> Collected data

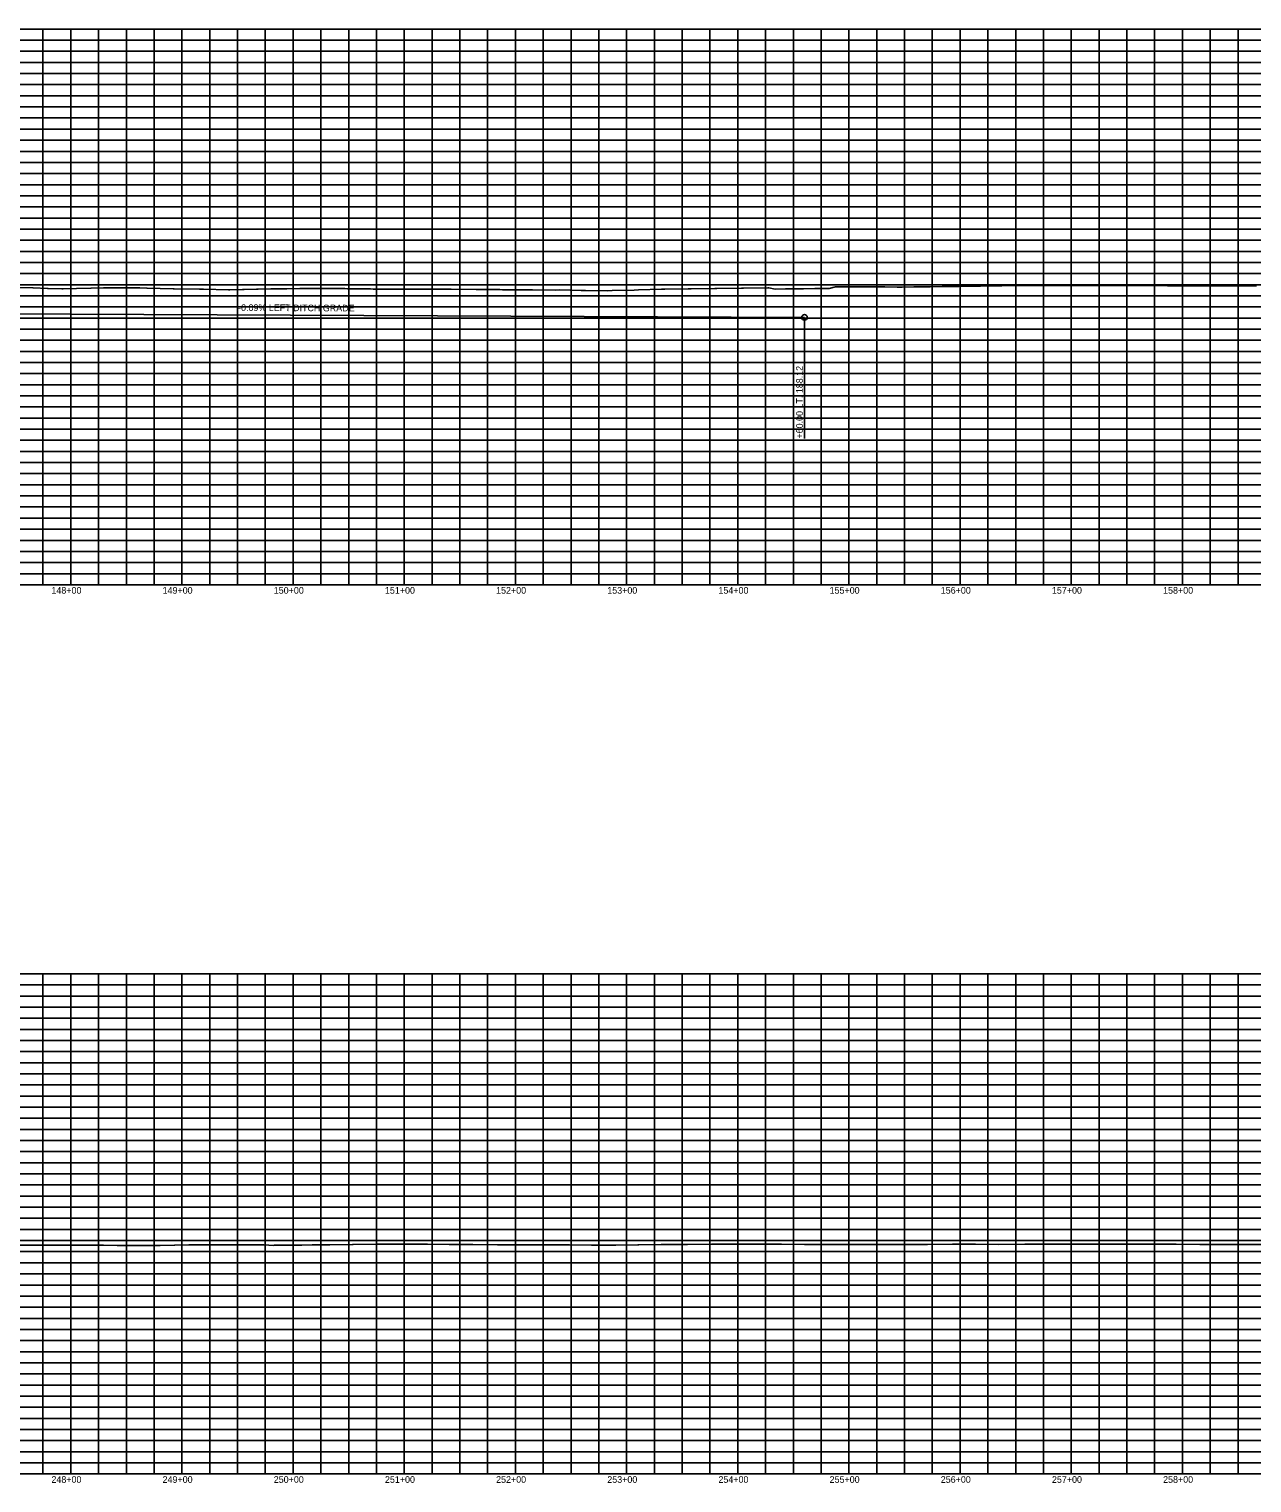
# Model space of a CAD drawing. Extents: x 1399671 to 1408349, y 1930471 to 1933387.
# Drawn here: x 1405087 to 1406187, y 1932071 to 1933379 of the extents above; entities that cross this region are included whole.
import ezdxf

# ---------------------------------------------------------------- set-up
doc = ezdxf.new("R2010")
doc.units = 0
for name, color, linetype in [('R_Exist Surface', 7, 'Continuous'), ('R_Grid', 7, 'Continuous'), ('R_Grid Annot', 7, 'Continuous'), ('R_Vert Alg', 7, 'Continuous'), ('R_Vert Alg Annot', 7, 'Continuous')]:
    doc.layers.add(name, color=color, linetype=linetype)

msp = doc.modelspace()

# ---------------------------------------------------------------- linework, layer by layer
at = {"layer": 'R_Exist Surface'}
for points in [[(1405077.4, 1933146), (1405090.1, 1933145.8), (1405090.3, 1933145.8), (1405090.3, 1933145.8), (1405103.3, 1933145.3), (1405103.8, 1933145.3), (1405116.3, 1933144.9), (1405117.2, 1933144.9), (1405129.4, 1933145.2), (1405142.3, 1933145.5), (1405142.5, 1933145.5), (1405153.5, 1933145.7), (1405155.7, 1933145.7), (1405155.8, 1933145.7), (1405168.7, 1933145.8), (1405170.1, 1933145.8), (1405186.2, 1933145.7), (1405192.7, 1933145.5), (1405193, 1933145.5), (1405216.2, 1933145), (1405217.3, 1933145), (1405240, 1933144.7), (1405241.7, 1933144.6), (1405243.6, 1933144.5), (1405266, 1933144.1), (1405267.4, 1933144.1), (1405278.7, 1933144.3), (1405280.1, 1933144.4), (1405291.4, 1933144.6), (1405292.8, 1933144.6), (1405304.1, 1933144.8), (1405305.5, 1933144.8), (1405316.8, 1933145), (1405318.4, 1933145), (1405330.3, 1933145.1), (1405331.8, 1933145.1), (1405343.8, 1933145.1), (1405345.2, 1933145.1), (1405357.3, 1933145.1), (1405369.6, 1933145.1), (1405370.8, 1933145.1), (1405373, 1933145), (1405393.8, 1933144.8), (1405396.1, 1933144.7), (1405416.9, 1933144.6), (1405419.2, 1933144.6), (1405440.9, 1933144.6), (1405442.8, 1933144.6), (1405465, 1933144.7), (1405466.5, 1933144.6), (1405488.8, 1933144.4), (1405510.2, 1933144.2), (1405512.7, 1933144), (1405533.1, 1933143.9), (1405536.4, 1933143.9), (1405539.4, 1933144), (1405560.1, 1933143.8), (1405563.5, 1933143.9), (1405583.4, 1933143.5), (1405587.2, 1933143.5), (1405606.7, 1933143.1), (1405611.1, 1933143.3), (1405631.1, 1933143.8), (1405634.8, 1933143.9), (1405655.5, 1933144.5), (1405658.6, 1933144.6), (1405679.6, 1933144.8), (1405682.2, 1933145), (1405703.7, 1933145.2), (1405705.4, 1933145.2), (1405727.4, 1933145.5), (1405729.2, 1933145.5), (1405751.2, 1933145.8), (1405752, 1933145.9), (1405757.7, 1933144.7), (1405767, 1933144.8), (1405776.3, 1933144.8), (1405780.4, 1933144.9), (1405783.4, 1933145), (1405793.4, 1933145.1), (1405796.3, 1933145.2), (1405806.4, 1933145.2), (1405812.2, 1933146.8), (1405815, 1933146.8), (1405826, 1933146.7), (1405828.8, 1933146.8), (1405839.9, 1933146.7), (1405842.6, 1933146.7), (1405853.7, 1933146.6), (1405856.4, 1933146.6), (1405867.6, 1933146.5), (1405872.2, 1933146.5), (1405882.6, 1933146.7), (1405893.4, 1933146.8), (1405897.4, 1933146.8), (1405908.2, 1933147), (1405919.3, 1933147.1), (1405923, 1933147.1), (1405938.8, 1933147.3), (1405942.4, 1933147.4), (1405958.2, 1933147.6), (1405961.7, 1933147.6), (1405977.6, 1933147.8), (1405993.5, 1933148), (1405996.9, 1933148), (1406014, 1933148), (1406020, 1933147.9), (1406035.3, 1933147.9), (1406043.2, 1933147.8), (1406053.3, 1933147.8), (1406060.5, 1933147.8), (1406070.7, 1933147.8), (1406081.3, 1933147.8), (1406087.9, 1933147.8), (1406098.5, 1933147.8), (1406105.2, 1933147.8), (1406110.7, 1933147.7), (1406123.1, 1933147.7), (1406130.1, 1933147.7), (1406147.6, 1933147.7), (1406155.4, 1933147.7), (1406164.6, 1933147.7), (1406173.5, 1933147.7), (1406182, 1933147.7), (1406190.8, 1933147.7)], [(1405076.8, 1932284.5), (1405089.3, 1932284.5), (1405089.6, 1932284.5), (1405102.2, 1932284.5), (1405102.4, 1932284.5), (1405115, 1932284.4), (1405115.3, 1932284.4), (1405127.8, 1932284.4), (1405128.1, 1932284.4), (1405140.7, 1932284.3), (1405141, 1932284.3), (1405153.3, 1932284.3), (1405153.6, 1932284.3), (1405166, 1932284.2), (1405166.2, 1932284.2), (1405178.6, 1932284.1), (1405178.9, 1932284.1), (1405191.3, 1932284.1), (1405191.5, 1932284.1), (1405204.4, 1932284.2), (1405204.6, 1932284.2), (1405217.4, 1932284.4), (1405217.7, 1932284.4), (1405230.5, 1932284.6), (1405230.7, 1932284.6), (1405230.9, 1932284.6), (1405243.8, 1932284.7), (1405244, 1932284.7), (1405257.2, 1932284.7), (1405257.5, 1932284.7), (1405270.7, 1932284.7), (1405283.7, 1932284.6), (1405284.1, 1932284.6), (1405297.1, 1932284.6), (1405297.5, 1932284.6), (1405297.8, 1932284.6), (1405306.8, 1932284.2), (1405307.3, 1932284.3), (1405331, 1932284.5), (1405331.5, 1932284.5), (1405332, 1932284.5), (1405341.4, 1932284.6), (1405355.6, 1932284.7), (1405356.2, 1932284.7), (1405357.1, 1932284.7), (1405377.5, 1932284.9), (1405378.3, 1932285), (1405398.8, 1932285.2), (1405399.6, 1932285.2), (1405421.5, 1932285.2), (1405422.3, 1932285.2), (1405444.1, 1932285.2), (1405445, 1932285.2), (1405464.6, 1932285.1), (1405465.4, 1932285.1), (1405485, 1932284.9), (1405486, 1932284.9), (1405508.2, 1932284.8), (1405509.3, 1932284.8), (1405531.4, 1932284.6), (1405532.4, 1932284.6), (1405552.1, 1932284.6), (1405553.1, 1932284.6), (1405572.8, 1932284.6), (1405592.7, 1932284.5), (1405593.7, 1932284.5), (1405613.6, 1932284.4), (1405614.6, 1932284.4), (1405634.4, 1932284.6), (1405635.3, 1932284.6), (1405655.3, 1932284.9), (1405656, 1932284.9), (1405656.7, 1932284.9), (1405678.3, 1932285.1), (1405678.9, 1932285.1), (1405700.5, 1932285.3), (1405701.1, 1932285.3), (1405721.4, 1932285.2), (1405722, 1932285.2), (1405742.2, 1932285.2), (1405743, 1932285.2), (1405763.2, 1932285.2), (1405763.6, 1932285.2), (1405784.2, 1932285.1), (1405784.3, 1932285.1), (1405806.6, 1932285.1), (1405828.5, 1932285), (1405829, 1932285), (1405849.6, 1932285), (1405850, 1932285), (1405850.5, 1932285), (1405871.1, 1932285), (1405871.7, 1932285), (1405894.3, 1932285.1), (1405894.8, 1932285.1), (1405917.4, 1932285.2), (1405918, 1932285.2), (1405937.9, 1932285.2), (1405958.3, 1932285.1), (1405958.4, 1932285.1), (1405982.4, 1932285.2), (1405982.5, 1932285.2), (1406000.2, 1932285.2), (1406006.5, 1932285.2), (1406006.5, 1932285.2), (1406029, 1932285.3), (1406029.2, 1932285.3), (1406051.5, 1932285.4), (1406051.9, 1932285.4), (1406052.3, 1932285.4), (1406072.9, 1932285.4), (1406073.3, 1932285.4), (1406094, 1932285.4), (1406094.4, 1932285.4), (1406096.5, 1932285.4), (1406116.9, 1932285.2), (1406117.3, 1932285.2), (1406118.4, 1932285.2), (1406139.8, 1932285.1), (1406140.2, 1932285.1), (1406145.5, 1932285.1), (1406161.4, 1932285), (1406161.6, 1932285), (1406161.8, 1932285), (1406162.1, 1932285), (1406183.4, 1932285), (1406184, 1932285), (1406204.8, 1932285)]]:
    msp.add_lwpolyline(points, dxfattribs=at)
at = {"layer": 'R_Grid'}
for p, q in [((1400324.2, 1933378.6), (1408224.2, 1933378.6)), ((1400324.2, 1933378.6), (1408224.2, 1933378.6)), ((1405099.2, 1932878.6), (1405099.2, 1933378.6)), ((1405124.2, 1932878.6), (1405124.2, 1933378.6)), ((1405149.2, 1932878.6), (1405149.2, 1933378.6)), ((1405174.2, 1932878.6), (1405174.2, 1933378.6)), ((1405199.2, 1932878.6), (1405199.2, 1933378.6)), ((1405224.2, 1932878.6), (1405224.2, 1933378.6)), ((1405249.2, 1932878.6), (1405249.2, 1933378.6)), ((1405274.2, 1932878.6), (1405274.2, 1933378.6)), ((1405299.2, 1932878.6), (1405299.2, 1933378.6)), ((1405324.2, 1932878.6), (1405324.2, 1933378.6)), ((1405349.2, 1932878.6), (1405349.2, 1933378.6)), ((1405374.2, 1932878.6), (1405374.2, 1933378.6)), ((1405399.2, 1932878.6), (1405399.2, 1933378.6)), ((1405424.2, 1932878.6), (1405424.2, 1933378.6)), ((1405449.2, 1932878.6), (1405449.2, 1933378.6)), ((1405474.2, 1932878.6), (1405474.2, 1933378.6)), ((1405499.2, 1932878.6), (1405499.2, 1933378.6)), ((1405524.2, 1932878.6), (1405524.2, 1933378.6)), ((1405549.2, 1932878.6), (1405549.2, 1933378.6)), ((1405574.2, 1932878.6), (1405574.2, 1933378.6)), ((1405599.2, 1932878.6), (1405599.2, 1933378.6)), ((1405624.2, 1932878.6), (1405624.2, 1933378.6)), ((1405649.2, 1932878.6), (1405649.2, 1933378.6)), ((1405674.2, 1932878.6), (1405674.2, 1933378.6)), ((1405699.2, 1932878.6), (1405699.2, 1933378.6)), ((1405724.2, 1932878.6), (1405724.2, 1933378.6)), ((1405749.2, 1932878.6), (1405749.2, 1933378.6)), ((1405774.2, 1932878.6), (1405774.2, 1933378.6)), ((1405799.2, 1932878.6), (1405799.2, 1933378.6)), ((1405824.2, 1932878.6), (1405824.2, 1933378.6)), ((1405849.2, 1932878.6), (1405849.2, 1933378.6)), ((1405874.2, 1932878.6), (1405874.2, 1933378.6)), ((1405899.2, 1932878.6), (1405899.2, 1933378.6)), ((1405924.2, 1932878.6), (1405924.2, 1933378.6)), ((1405949.2, 1932878.6), (1405949.2, 1933378.6)), ((1405974.2, 1932878.6), (1405974.2, 1933378.6)), ((1405999.2, 1932878.6), (1405999.2, 1933378.6)), ((1406024.2, 1932878.6), (1406024.2, 1933378.6)), ((1406049.2, 1932878.6), (1406049.2, 1933378.6)), ((1406074.2, 1932878.6), (1406074.2, 1933378.6)), ((1406099.2, 1932878.6), (1406099.2, 1933378.6)), ((1406124.2, 1932878.6), (1406124.2, 1933378.6)), ((1406149.2, 1932878.6), (1406149.2, 1933378.6)), ((1406174.2, 1932878.6), (1406174.2, 1933378.6)), ((1400324.2, 1933368.6), (1408224.2, 1933368.6)), ((1400324.2, 1933358.6), (1408224.2, 1933358.6)), ((1400324.2, 1933348.6), (1408224.2, 1933348.6)), ((1400324.2, 1933338.6), (1408224.2, 1933338.6)), ((1400324.2, 1933328.6), (1408224.2, 1933328.6)), ((1400324.2, 1933318.6), (1408224.2, 1933318.6)), ((1400324.2, 1933308.6), (1408224.2, 1933308.6)), ((1400324.2, 1933298.6), (1408224.2, 1933298.6)), ((1400324.2, 1933288.6), (1408224.2, 1933288.6)), ((1400324.2, 1933278.6), (1408224.2, 1933278.6)), ((1400324.2, 1933268.6), (1408224.2, 1933268.6)), ((1400324.2, 1933258.6), (1408224.2, 1933258.6)), ((1400324.2, 1933248.6), (1408224.2, 1933248.6)), ((1400324.2, 1933238.6), (1408224.2, 1933238.6)), ((1400324.2, 1933228.6), (1408224.2, 1933228.6)), ((1400324.2, 1933218.6), (1408224.2, 1933218.6)), ((1400324.2, 1933208.6), (1408224.2, 1933208.6)), ((1400324.2, 1933198.6), (1408224.2, 1933198.6)), ((1400324.2, 1933188.6), (1408224.2, 1933188.6)), ((1400324.2, 1933178.6), (1408224.2, 1933178.6)), ((1400324.2, 1933168.6), (1408224.2, 1933168.6)), ((1400324.2, 1933158.6), (1408224.2, 1933158.6)), ((1400324.2, 1933148.6), (1408224.2, 1933148.6)), ((1400324.2, 1933138.6), (1408224.2, 1933138.6)), ((1400324.2, 1933128.6), (1408224.2, 1933128.6)), ((1400324.2, 1933118.6), (1408224.2, 1933118.6)), ((1400324.2, 1933108.6), (1408224.2, 1933108.6)), ((1400324.2, 1933098.6), (1408224.2, 1933098.6)), ((1400324.2, 1933088.6), (1408224.2, 1933088.6)), ((1400324.2, 1933078.6), (1408224.2, 1933078.6)), ((1400324.2, 1933068.6), (1408224.2, 1933068.6)), ((1400324.2, 1933058.6), (1408224.2, 1933058.6)), ((1400324.2, 1933048.6), (1408224.2, 1933048.6)), ((1400324.2, 1933038.6), (1408224.2, 1933038.6)), ((1400324.2, 1933028.6), (1408224.2, 1933028.6)), ((1400324.2, 1933018.6), (1408224.2, 1933018.6)), ((1400324.2, 1933008.6), (1408224.2, 1933008.6)), ((1400324.2, 1932998.6), (1408224.2, 1932998.6)), ((1400324.2, 1932988.6), (1408224.2, 1932988.6)), ((1400324.2, 1932978.6), (1408224.2, 1932978.6)), ((1400324.2, 1932968.6), (1408224.2, 1932968.6)), ((1400324.2, 1932958.6), (1408224.2, 1932958.6)), ((1400324.2, 1932948.6), (1408224.2, 1932948.6)), ((1400324.2, 1932938.6), (1408224.2, 1932938.6)), ((1400324.2, 1932928.6), (1408224.2, 1932928.6)), ((1400324.2, 1932918.6), (1408224.2, 1932918.6)), ((1400324.2, 1932908.6), (1408224.2, 1932908.6)), ((1400324.2, 1932898.6), (1408224.2, 1932898.6)), ((1400324.2, 1932888.6), (1408224.2, 1932888.6)), ((1400324.2, 1932878.6), (1408224.2, 1932878.6)), ((1400324.2, 1932528.6), (1407124.2, 1932528.6)), ((1400324.2, 1932528.6), (1407124.2, 1932528.6)), ((1405099.2, 1932078.6), (1405099.2, 1932528.6)), ((1405124.2, 1932078.6), (1405124.2, 1932528.6)), ((1405149.2, 1932078.6), (1405149.2, 1932528.6)), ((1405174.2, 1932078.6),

> Aim of the exercise
Go through the data and copy every line that includes "Surface".

> Reply
for name, color, linetype in [('R_Exist Surface', 7, 'Continuous'), ('R_Grid', 7, 'Continuous'), ('R_Grid Annot', 7, 'Continuous'), ('R_Vert Alg', 7, 'Continuous'), ('R_Vert Alg Annot', 7, 'Continuous')]:
at = {"layer": 'R_Exist Surface'}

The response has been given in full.